Grafana NServiceBus processing time

This sample reports the following metrics to Prometheus:

  • Fetched messages per second
  • Failed messages per second
  • Successful messages per second
  • Critical time in seconds
  • Processing time seconds

For a detailed explanation of these metrics refer to the metrics captured section in the metrics documentation.

Prerequisites

To run this sample, download and run both Prometheus and Grafana. This sample uses Prometheus and Grafana.

Code overview

The sample simulates messages load with a random 10% failure rate using the LoadSimulator class:

var simulator = new LoadSimulator(endpointInstance, TimeSpan.Zero, TimeSpan.FromSeconds(10));
simulator.Start();

Capturing metric values

A Prometheus service is hosted inside an endpoint via the NuGet package prometheus-net. The service enables Prometheus to scrape data gathered by the metrics package. In the sample the service that exposes the data to scrape is hosted on http://localhost:3030. The service is started and stopped inside a feature startup task as shown below

class MetricServerTask : FeatureStartupTask
{
    MetricServer metricServer = new MetricServer(port: 3030);

    protected override Task OnStart(IMessageSession session)
    {
        metricServer.Start();
        return Task.CompletedTask;
    }

    protected override Task OnStop(IMessageSession session)
    {
        metricServer.Stop();
        return Task.CompletedTask;
    }
}

Custom observers need to be registered for the metric probes provided via NServiceBus.Metrics. This is all setup in the PrometheusFeature

metricsOptions = settings.EnableMetrics();

The names provided by the NServiceBus.Metrics probes are not compatible with Prometheus. The NServiceBus.Metrics names need to be aligned with the naming conventions defined by Prometheus by mapping them accordingly

Counters: nservicebus_{counter-name}_total

Summaries: nservicebus_{summary-name}_seconds

Dictionary<string, string> nameMapping = new Dictionary<string, string>
{
    // https://prometheus.io/docs/practices/naming/
    {"# of msgs successfully processed / sec", "nservicebus_success_total"},
    {"# of msgs pulled from the input queue /sec", "nservicebus_fetched_total"},
    {"# of msgs failures / sec", "nservicebus_failure_total"},
    {"Critical Time", "nservicebus_criticaltime_seconds"},
    {"Processing Time", "nservicebus_processingtime_seconds"},
};

The registered observers convert NServiceBus.Metric Signals to Prometheus Counters and NServiceBus.Metric Durations to Prometheus Summaries. Additionally, labels are added that identify the endpoint, the endpoint queue and more within Prometheus. With these labels, it is possible to filter and group metric values.

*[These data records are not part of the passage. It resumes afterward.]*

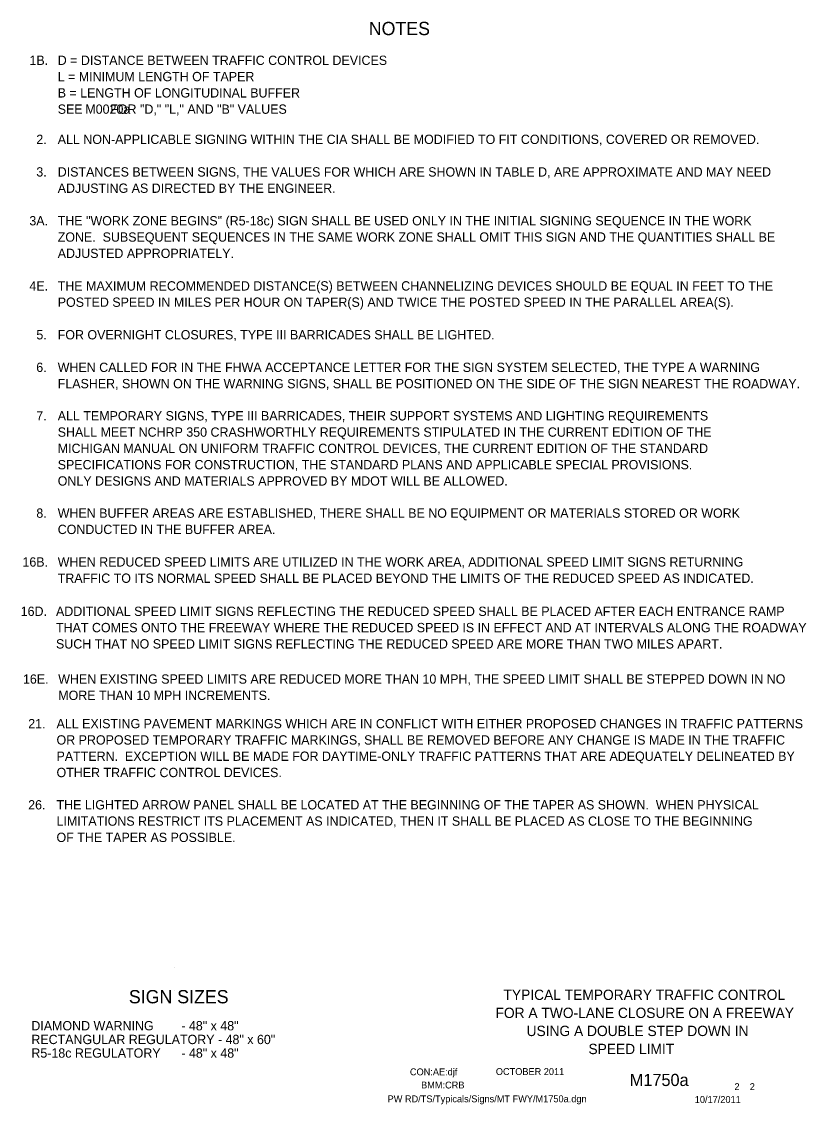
# Model space of a CAD drawing. Extents: x 16732 to 18478, y 5523 to 6928.
# Drawn here: x 17769 to 18478, y 5932 to 6909 of the extents above; entities that cross this region are included whole.
import ezdxf

# ---------------------------------------------------------------- set-up
doc = ezdxf.new("R2010")
doc.units = 0
for name, color, linetype in [('BORDER', 7, 'Continuous'), ('BORDER_SIGNAL_WO', 7, 'Continuous'), ('TYPICAL_TEXT_DIMEN_PR', 7, 'Continuous')]:
    doc.layers.add(name, color=color, linetype=linetype)

msp = doc.modelspace()

# ---------------------------------------------------------------- linework, layer by layer
at = {"layer": 'BORDER'}
for p, q in [((17907.48, 6055), (17907.48, 6055)), ((17907.48, 6035.02), (17907.48, 6035.02))]:
    msp.add_line(p, q, dxfattribs=at)

# ---------------------------------------------------------------- texts
for s, p in [('TYPICAL TEMPORARY TRAFFIC CONTROL', (18204.21, 6026.08)), ('FOR A TWO-LANE CLOSURE ON A FREEWAY', (18196.99, 6009.78)), ('USING A DOUBLE STEP DOWN IN', (18225.04, 5993.48)), ('SPEED LIMIT', (18280.92, 5977.18))]:
    msp.add_text(s, height=9.3, dxfattribs=at).set_placement(p)
at = {"layer": 'BORDER_SIGNAL_WO'}
for s, height, p in [('CON:AE:djf  ', 6.2, (18119.69, 5958.06)), ('    OCTOBER 2011', 6.2, (18188.08, 5958.34)), ('BMM:CRB', 6.2, (18129.81, 5946.17)), ('    M1750a   ', 11, (18301.86, 5948.38)), (' 2    2 ', 6.2, (18410.45, 5944.7)), ('PW RD/TS/Typicals/Signs/MT FWY/M1750a.dgn      ', 6.2, (18099.55, 5933.71)), ('10/17/2011', 6.2, (18376.93, 5933.13))]:
    msp.add_text(s, height=height, dxfattribs=at).set_placement(p)
at = {"layer": 'TYPICAL_TEXT_DIMEN_PR'}
for s, height, p in [('NOTES', 12, (18082.55, 6897)), ('1B.', 8.4, (17776.19, 6870.11)), ('D = DISTANCE BETWEEN TRAFFIC CONTROL DEVICES', 8.4, (17801.7, 6870.11)), ('L = MINIMUM LENGTH OF TAPER', 8.4, (17801.7, 6855.41)), ('B = LENGTH OF LONGITUDINAL BUFFER', 8.4, (17801.7, 6840.71)), ('SEE        FOR "D," "L," AND "B" VALUES', 8.4, (17801.7, 6826.01)), ('M0020a', 8.4, (17826.62, 6826.01)), ('2.', 8.4, (17782.39, 6798.75)), ('ALL NON-APPLICABLE SIGNING WITHIN THE CIA SHALL BE MODIFIED TO FIT CONDITIONS, COVERED OR REMOVED.', 8.4, (17801.7, 6798.75)), ('3.', 8.4, (17782.39, 6769.35)), ('DISTANCES BETWEEN SIGNS, THE VALUES FOR WHICH ARE SHOWN IN TABLE D, ARE APPROXIMATE AND MAY NEED', 8.4, (17801.7, 6769.35)), ('ADJUSTING AS DIRECTED BY THE ENGINEER.', 8.4, (17801.7, 6754.65)), ('THE "WORK ZONE BEGINS" (R5-18c) SIGN SHALL BE USED ONLY IN THE INITIAL SIGNING SEQUENCE IN THE WORK', 8.4, (17801.7, 6725.25)), ('3A.', 8.4, (17776.09, 6725.25)), ('ZONE.  SUBSEQUENT SEQUENCES IN THE SAME WORK ZONE SHALL OMIT THIS SIGN AND THE QUANTITIES SHALL BE', 8.4, (17801.7, 6710.55)), ('ADJUSTED APPROPRIATELY.', 8.4, (17801.7, 6695.85)), ('THE MAXIMUM RECOMMENDED DISTANCE(S) BETWEEN CHANNELIZING DEVICES SHOULD BE EQUAL IN FEET TO THE', 8.4, (17801.7, 6666.45)), ('4E.', 8.4, (17776.13, 6666.45)), ('POSTED SPEED IN MILES PER HOUR ON TAPER(S) AND TWICE THE POSTED SPEED IN THE PARALLEL AREA(S).', 8.4, (17801.7, 6651.75)), ('5.', 8.4, (17782.39, 6622.35)), ('FOR OVERNIGHT CLOSURES, TYPE III BARRICADES SHALL BE LIGHTED.', 8.4, (17801.7, 6622.35)), ('6.', 8.4, (17782.34, 6592.95)), ('WHEN CALLED FOR IN THE FHWA ACCEPTANCE LETTER FOR THE SIGN SYSTEM SELECTED, THE TYPE A WARNING ', 8.4, (17801.7, 6592.95)), ('FLASHER, SHOWN ON THE WARNING SIGNS, SHALL BE POSITIONED ON THE SIDE OF THE SIGN NEAREST THE ROADWAY.', 8.4, (17801.7, 6578.25)), ('7.', 8.4, (17782.34, 6549.16)), ('ALL TEMPORARY SIGNS, TYPE III BARRICADES, THEIR SUPPORT SYSTEMS AND LIGHTING REQUIREMENTS', 8.4, (17801.7, 6549.18)), ('SHALL MEET NCHRP 350 CRASHWORTHLY REQUIREMENTS STIPULATED IN THE CURRENT EDITION OF THE', 8.4, (17801.7, 6534.48)), ('MICHIGAN MANUAL ON UNIFORM TRAFFIC CONTROL DEVICES, THE CURRENT EDITION OF THE STANDARD', 8.4, (17801.7, 6519.78)), ('SPECIFICATIONS FOR CONSTRUCTION, THE STANDARD PLANS AND APPLICABLE SPECIAL PROVISIONS.', 8.4, (17801.7, 6505.08)), ('ONLY DESIGNS AND MATERIALS APPROVED BY MDOT WILL BE ALLOWED.', 8.4, (17801.7, 6490.38)), ('8.', 8.4, (17782.39, 6461.34)), ('WHEN BUFFER AREAS ARE ESTABLISHED, THERE SHALL BE NO EQUIPMENT OR MATERIALS STORED OR WORK     ', 8.4, (17801.7, 6461.34)), ('CONDUCTED IN THE BUFFER AREA.', 8.4, (17801.7, 6446.64)), ('16B.', 8.4, (17769.84, 6417.24)), ('WHEN REDUCED SPEED LIMITS ARE UTILIZED IN THE WORK AREA, ADDITIONAL SPEED LIMIT SIGNS RETURNING', 8.4, (17801.7, 6417.3)), ('TRAFFIC TO ITS NORMAL SPEED SHALL BE PLACED BEYOND THE LIMITS OF THE REDUCED SPEED AS INDICATED.', 8.4, (17801.7, 6402.6)), ('16D.', 8.4, (17768.27, 6372.72)), ('ADDITIONAL SPEED LIMIT SIGNS REFLECTING THE REDUCED SPEED SHALL BE PLACED AFTER EACH ENTRANCE RAMP', 8.4, (17800.14, 6372.72)), ('THAT COMES ONTO THE FREEWAY WHERE THE REDUCED SPEED IS IN EFFECT AND AT INTERVALS ALONG THE ROADWAY', 8.4, (17800.14, 6358.02)), ('SUCH THAT NO SPEED LIMIT SIGNS REFLECTING THE REDUCED SPEED ARE MORE THAN TWO MILES APART.', 8.4, (17800.14, 6343.32)), ('16E.', 8.4, (17770.3, 6311.56)), ('WHEN EXISTING SPEED LIMITS ARE REDUCED MORE THAN 10 MPH, THE SPEED LIMIT SHALL BE STEPPED DOWN IN NO', 8.4, (17802.16, 6311.56)), ('MORE THAN 10 MPH INCREMENTS.', 8.4, (17802.16, 6296.86)), ('21.', 8.4, (17775.06, 6271.31)), ('ALL EXISTING PAVEMENT MARKINGS WHICH ARE IN CONFLICT WITH EITHER PROPOSED CHANGES IN TRAFFIC PATTERNS', 8.4, (17800.62, 6271.31)), ('OR PROPOSED TEMPORARY TRAFFIC MARKINGS, SHALL BE REMOVED BEFORE ANY CHANGE IS MADE IN THE TRAFFIC', 8.4, (17800.62, 6256.61)), ('PATTERN.  EXCEPTION WILL BE MADE FOR DAYTIME-ONLY TRAFFIC PATTERNS THAT ARE ADEQUATELY DELINEATED BY', 8.4, (17800.62, 6241.91)), ('OTHER TRAFFIC CONTROL DEVICES.', 8.4, (17800.62, 6227.21)), ('26.', 8.4, (17775.01, 6198.04)), ('THE LIGHTED ARROW PANEL SHALL BE LOCATED AT THE BEGINNING OF THE TAPER AS SHOWN.  WHEN PHYSICAL', 8.4, (17800.62, 6198.04)), ('LIMITATIONS RESTRICT ITS PLACEMENT AS INDICATED, THEN IT SHALL BE PLACED AS CLOSE TO THE BEGINNING', 8.4, (17800.62, 6183.34)), ('OF THE TAPER AS POSSIBLE.', 8.4, (17800.62, 6168.64)), ('SIGN SIZES', 12, (17865.92, 6023.02)), ('DIAMOND WARNING        - 48" x 48"', 8.4, (17777.88, 5998.62)), ('RECTANGULAR REGULATORY - 48" x 60"', 8.4, (17777.88, 5986.22)), ('R5-18c REGULATORY      - 48" x 48"', 8.4, (17777.88, 5973.96))]:
    msp.add_text(s, height=height, dxfattribs=at).set_placement(p)

doc.saveas('drawing.dxf')

var logicalAddress = settings.LogicalAddress();
var discriminator = logicalAddress.EndpointInstance.Discriminator ?? "none";
var labelValues = new[]
{
    settings.EndpointName(),
    Environment.MachineName,
    Dns.GetHostName(),
    discriminator,
    settings.LocalAddress()
};

metricsOptions.RegisterObservers(
    register: probeContext =>
    {
        RegisterProbes(probeContext, labelValues);
    });
Labels should be chosen thoughtfully since each unique combination of key-value label pairs represents a new time series which can dramatically increase the amount of data stored. The labels used here are for demonstration purpose only.

During the registration the following steps are required:

  • Map metric names
  • Register observer callbacks
  • Create summaries and counters with corresponding labels
  • Invoke the summaries and counters in the observer callback
foreach (var duration in context.Durations)
{
    if (!nameMapping.ContainsKey(duration.Name))
    {
        log.WarnFormat("Unsupported duration probe {0}", duration.Name);
        continue;
    }
    var prometheusName = nameMapping[duration.Name];
    var summary = Prometheus.Metrics.CreateSummary(prometheusName, duration.Description, Labels);
    duration.Register(
        observer: durationLength => summary.Labels(labelValues)
            .Observe(durationLength.TotalSeconds));
}

foreach (var signal in context.Signals)
{
    if (!nameMapping.ContainsKey(signal.Name))
    {
        log.WarnFormat("Unsupported signal probe {0}", signal.Name);
        continue;
    }
    var prometheusName = nameMapping[signal.Name];
    var counter = Prometheus.Metrics.CreateCounter(prometheusName, signal.Description, Labels);
    signal.Register(observer: () => counter.Labels(labelValues).Inc());
}

Prometheus

Prometheus needs to be configured to pull data from the endpoint. For more information how to setup Prometheus refer to the getting started guide.

Guided configuration

Copy the following files into the root folder of the Prometheus installation.

Overwrite the existing prometheus.yml in the Prometheus demo installation. Or proceed with the manual configuration if desired.

Manual configuration

Add a target

Edit prometheus.yml and add a new target for scraping similar to

- job_name: 'nservicebus'

    scrape_interval: 5s

    static_configs:
      - targets: ['localhost:3030']

Define rules

Queries can be expensive operations. Prometheus allows defining pre-calculated queries by configuring rules that calculate rates based on the counters.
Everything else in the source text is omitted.